* **TASK OBJECTIVE**
The entries that follow include a run beginning at the line with "(2395521.95, 556474.81), dxfattribs=at)" and ending at the line with "msp.add_line(p, q, dxfattribs=at)"; restate that run word for word and leave the rest out.

* **DATA TO EXAMINE**
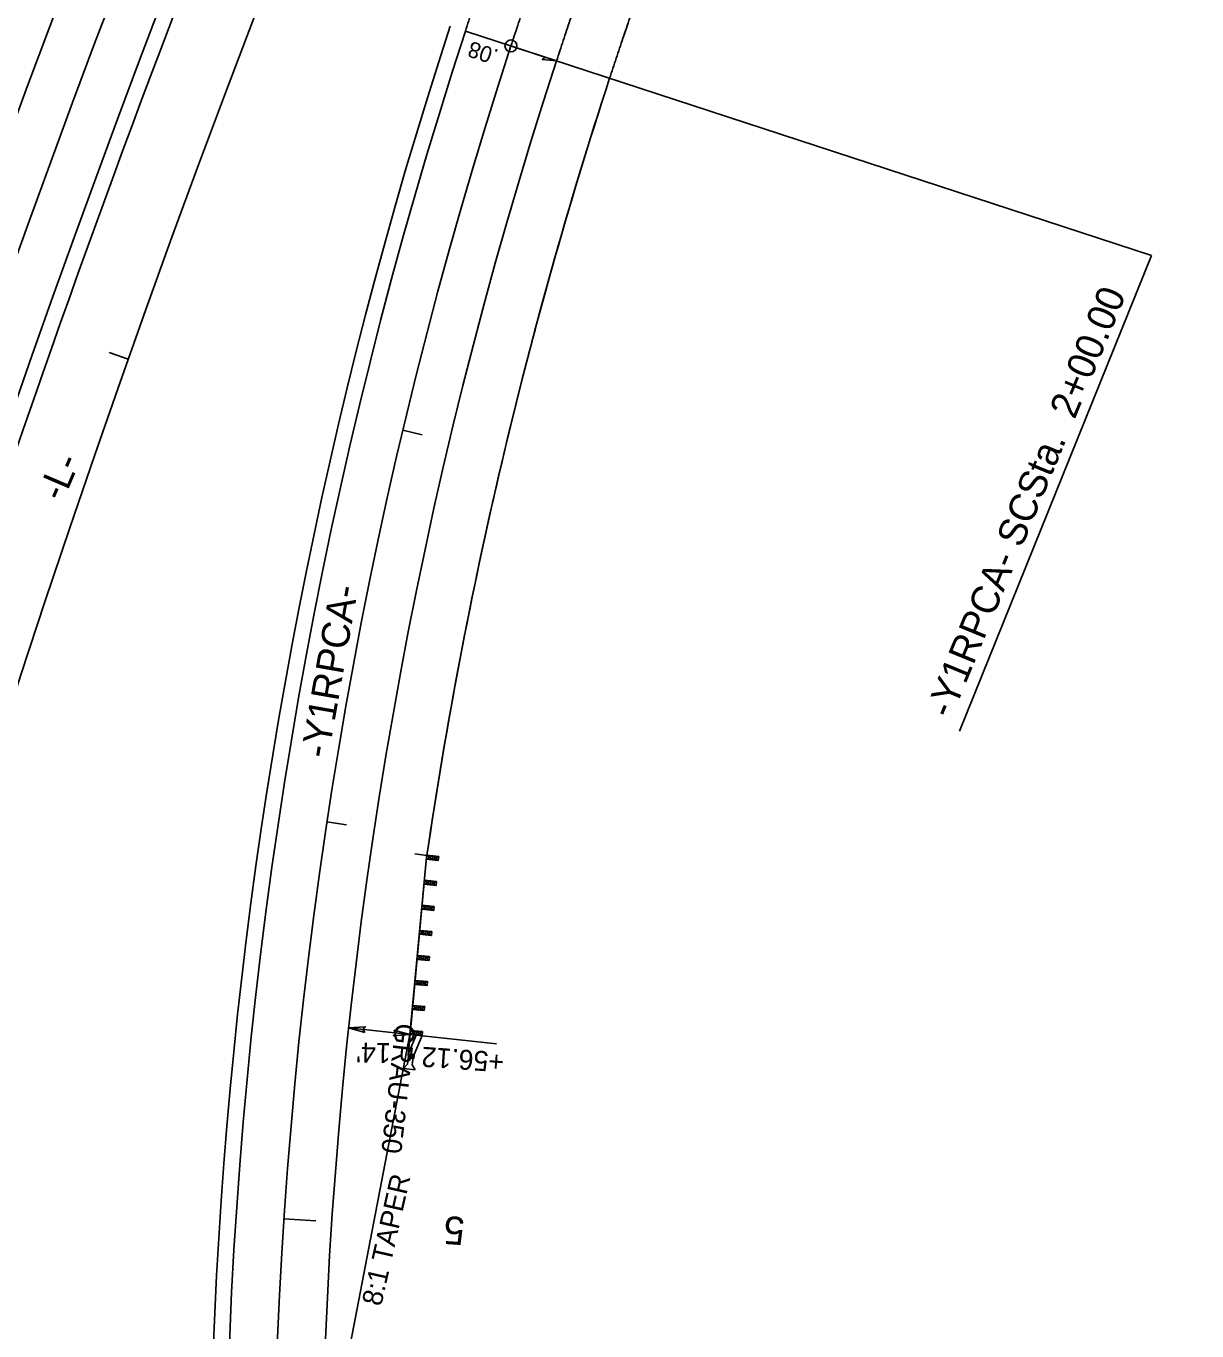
# Model space of a CAD drawing. Extents: x 2389694 to 2405615, y 547005 to 573532.
# Drawn here: x 2395404.2 to 2395697.4, y 556402.9 to 556729.7 of the extents above; entities that cross this region are included whole.
import ezdxf

# ---------------------------------------------------------------- set-up
doc = ezdxf.new("R2010")
doc.units = 0
for name, color, linetype in [('Old_Level_11', 7, 'Continuous'), ('Prop Dimension', 7, 'Continuous'), ('Prop Dimension Text', 7, 'Continuous'), ('Prop DSN Text', 7, 'Continuous'), ('Prop EOT', 7, 'Continuous'), ('Prop GRAU 350 Approach CELL', 7, 'Continuous'), ('Prop Guardrail', 7, 'Continuous'), ('Prop Horizontal Alignment', 7, 'Continuous'), ('Prop Horizontal Alignment Curve and Spiral Data', 7, 'Continuous'), ('Prop Horizontal Alignment Tick Large', 7, 'Continuous'), ('Prop Horizontal Alignment Tick Small', 7, 'Continuous'), ('Prop Lane Lines', 7, 'Continuous'), ('Prop SBG', 7, 'Continuous'), ('Prop Super Arrow 1 Lane CELL', 7, 'Continuous'), ('Prop Superelevation Label', 7, 'Continuous')]:
    doc.layers.add(name, color=color, linetype=linetype)

# ---------------------------------------------------------------- blocks, each defined once
blk = doc.blocks.new('TERM')
at = {"layer": 'Old_Level_11'}
blk.add_lwpolyline([(-0.01375, 0.00225), (0, 0), (-0.01375, -0.0025), (-0.012, 0)], close=True, dxfattribs=at)

msp = doc.modelspace()

# ---------------------------------------------------------------- linework, layer by layer
at = {"layer": 'Prop Dimension'}
msp.add_line((2395484.95, 556478.79), (2395521.95, 556474.81), dxfattribs=at)
at = {"layer": 'Prop EOT'}
for p, q in [((2395504.49, 556521.56), (2395500.32, 556477.13)), ((2395501.55, 556522.42), (2395504.55, 556521.97)), ((2395482.6, 556385.08), (2395500.32, 556477.13))]:
    msp.add_line(p, q, dxfattribs=at)
for centre, radius, start, end in [((2398729.82, 555480.32), 3559, 136.54853, 163.17888), ((2398729.82, 555480.32), 3523, 136.54853, 169.40696), ((2398729.82, 555480.32), 3573, 151.19964, 163.17888), ((2398729.82, 555480.32), 3519, 155.66284, 169.40696), ((2396666.13, 556351.64), 1216, 161.88474, 190.20655), ((2396666.13, 556351.64), 1212, 161.88474, 194.38474), ((2396666.13, 556351.64), 1188, 161.88474, 194.38474), ((2396666.13, 556351.64), 1174, 161.88474, 171.67808)]:
    msp.add_arc(centre, radius, start, end, dxfattribs=at)
for points in [[(2395589.1, 556915.27), (2395587.97, 556912.8), (2395586.85, 556910.34), (2395585.73, 556907.87), (2395584.61, 556905.4), (2395583.49, 556902.92), (2395582.37, 556900.45), (2395581.26, 556897.98), (2395580.15, 556895.5), (2395579.04, 556893.02), (2395577.93, 556890.55), (2395576.82, 556888.07), (2395575.72, 556885.58), (2395574.62, 556883.1), (2395573.52, 556880.62), (2395572.43, 556878.13), (2395571.34, 556875.65), (2395570.25, 556873.16), (2395569.16, 556870.67), (2395568.07, 556868.18), (2395566.99, 556865.69), (2395565.91, 556863.19), (2395564.84, 556860.7), (2395563.77, 556858.2), (2395562.7, 556855.7), (2395561.63, 556853.2), (2395560.56, 556850.7), (2395559.5, 556848.2), (2395558.45, 556845.7), (2395557.39, 556843.19), (2395556.34, 556840.68), (2395555.29, 556838.17), (2395554.25, 556835.66), (2395553.21, 556833.15), (2395552.17, 556830.63), (2395551.14, 556828.12), (2395550.11, 556825.6), (2395549.08, 556823.08), (2395548.06, 556820.56), (2395547.04, 556818.03), (2395546.03, 556815.51), (2395545.02, 556812.98), (2395544.01, 556810.45), (2395543.01, 556807.92), (2395542.01, 556805.39), (2395541.01, 556802.85), (2395540.02, 556800.32), (2395539.04, 556797.78), (2395538.06, 556795.24), (2395537.08, 556792.7), (2395536.1, 556790.15), (2395535.13, 556787.61), (2395534.17, 556785.06), (2395533.21, 556782.51), (2395532.26, 556779.96), (2395531.31, 556777.4), (2395530.36, 556774.85), (2395529.42, 556772.29), (2395528.48, 556769.73), (2395527.55, 556767.17), (2395526.62, 556764.6), (2395525.7, 556762.04), (2395524.79, 556759.47), (2395523.87, 556756.9), (2395522.97, 556754.33), (2395522.07, 556751.75), (2395521.17, 556749.18), (2395520.28, 556746.6), (2395519.4, 556744.02), (2395518.52, 556741.43), (2395517.64, 556738.85), (2395516.77, 556736.26), (2395515.91, 556733.67), (2395515.05, 556731.08), (2395514.21, 556728.5)], [(2395610.93, 556905.3), (2395609.81, 556902.85), (2395608.69, 556900.4), (2395607.58, 556897.95), (2395606.47, 556895.49), (2395605.36, 556893.04), (2395604.25, 556890.59), (2395603.15, 556888.13), (2395602.04, 556885.68), (2395600.94, 556883.22), (2395599.85, 556880.77), (2395598.75, 556878.31), (2395597.66, 556875.85), (2395596.57, 556873.39), (2395595.48, 556870.93), (2395594.4, 556868.47), (2395593.31, 556866), (2395592.23, 556863.54), (2395591.16, 556861.08), (2395590.08, 556858.61), (2395589.01, 556856.15), (2395587.95, 556853.68), (2395586.88, 556851.21), (2395585.82, 556848.74), (2395584.76, 556846.27), (2395583.71, 556843.8), (2395582.66, 556841.32), (2395581.61, 556838.85), (2395580.56, 556836.38), (2395579.52, 556833.9), (2395578.48, 556831.42), (2395577.45, 556828.94), (2395576.42, 556826.46), (2395575.39, 556823.98), (2395574.37, 556821.5), (2395573.35, 556819.02), (2395572.33, 556816.53), (2395571.32, 556814.04), (2395570.31, 556811.56), (2395569.31, 556809.07), (2395568.3, 556806.58), (2395567.31, 556804.08), (2395566.32, 556801.59), (2395565.33, 556799.1), (2395564.34, 556796.6), (2395563.36, 556794.1), (2395562.39, 556791.61), (2395561.42, 556789.11), (2395560.45, 556786.6), (2395559.49, 556784.1), (2395558.53, 556781.6), (2395557.57, 556779.09), (2395556.62, 556776.58), (2395555.68, 556774.07), (2395554.74, 556771.56), (2395553.81, 556769.05), (2395552.88, 556766.54), (2395551.95, 556764.02), (2395551.03, 556761.51), (2395550.11, 556758.99), (2395549.2, 556756.47), (2395548.3, 556753.95), (2395547.4, 556751.43), (2395546.5, 556748.9), (2395545.61, 556746.37), (2395544.73, 556743.85), (2395543.85, 556741.32), (2395542.97, 556738.79), (2395542.11, 556736.26), (2395541.24, 556733.72), (2395540.39, 556731.18), (2395539.53, 556728.65), (2395538.69, 556726.11), (2395537.85, 556723.57), (2395537.01, 556721.01)], [(2395623.67, 556899.49), (2395622.55, 556897.04), (2395621.44, 556894.6), (2395620.33, 556892.16), (2395619.22, 556889.72), (2395618.12, 556887.28), (2395617.02, 556884.83), (2395615.92, 556882.39), (2395614.82, 556879.95), (2395613.72, 556877.5), (2395612.63, 556875.06), (2395611.54, 556872.61), (2395610.45, 556870.17), (2395609.37, 556867.72), (2395608.29, 556865.28), (2395607.21, 556862.83), (2395606.13, 556860.38), (2395605.06, 556857.93), (2395603.99, 556855.48), (2395602.92, 556853.03), (2395601.86, 556850.58), (2395600.8, 556848.13), (2395599.74, 556845.67), (2395598.69, 556843.22), (2395597.64, 556840.77), (2395596.59, 556838.31), (2395595.54, 556835.85), (2395594.5, 556833.4), (2395593.46, 556830.94), (2395592.43, 556828.48), (2395591.4, 556826.02), (2395590.37, 556823.56), (2395589.35, 556821.1), (2395588.33, 556818.64), (2395587.31, 556816.17), (2395586.3, 556813.71), (2395585.29, 556811.24), (2395584.29, 556808.77), (2395583.29, 556806.31), (2395582.29, 556803.84), (2395581.3, 556801.37), (2395580.31, 556798.9), (2395579.33, 556796.42), (2395578.35, 556793.95), (2395577.37, 556791.48), (2395576.4, 556789), (2395575.43, 556786.52), (2395574.47, 556784.05), (2395573.51, 556781.57), (2395572.56, 556779.09), (2395571.61, 556776.61), (2395570.66, 556774.12), (2395569.72, 556771.64), (2395568.79, 556769.15), (2395567.86, 556766.67), (2395566.93, 556764.18), (2395566.01, 556761.69), (2395565.09, 556759.2), (2395564.18, 556756.71), (2395563.28, 556754.22), (2395562.37, 556751.72), (2395561.48, 556749.23), (2395560.59, 556746.73), (2395559.7, 556744.23), (2395558.82, 556741.74), (2395557.95, 556739.24), (2395557.08, 556736.73), (2395556.21, 556734.23), (2395555.35, 556731.73), (2395554.5, 556729.22), (2395553.65, 556726.71), (2395552.81, 556724.21), (2395551.97, 556721.7), (2395551.14, 556719.19), (2395550.31, 556716.64)]]:
    msp.add_spline(points, degree=3, dxfattribs=at)
at = {"layer": 'Prop GRAU 350 Approach CELL'}
for p, q in [((2395504.49, 556521.56), (2395499.84, 556471.77)), ((2395504.54, 556522.06), (2395504.43, 556521.06)), ((2395504.43, 556521.06), (2395506.03, 556521.89)), ((2395504.43, 556521.06), (2395507.41, 556520.72)), ((2395504.54, 556522.06), (2395507.53, 556521.72)), ((2395505.92, 556520.89), (2395504.54, 556522.06)), ((2395506.03, 556521.89), (2395505.92, 556520.89)), ((2395507.53, 556521.72), (2395505.92, 556520.89)), ((2395506.03, 556521.89), (2395507.41, 556520.72)), ((2395507.41, 556520.72), (2395507.53, 556521.72)), ((2395503.95, 556515.78), (2395503.86, 556514.79)), ((2395505.44, 556515.64), (2395503.86, 556514.79)), ((2395503.86, 556514.79), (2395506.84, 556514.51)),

* **ANSWER TO THIS EXERCISE**
msp.add_line((2395484.95, 556478.79), (2395521.95, 556474.81), dxfattribs=at)
at = {"layer": 'Prop EOT'}
for p, q in [((2395504.49, 556521.56), (2395500.32, 556477.13)), ((2395501.55, 556522.42), (2395504.55, 556521.97)), ((2395482.6, 556385.08), (2395500.32, 556477.13))]:
    msp.add_line(p, q, dxfattribs=at)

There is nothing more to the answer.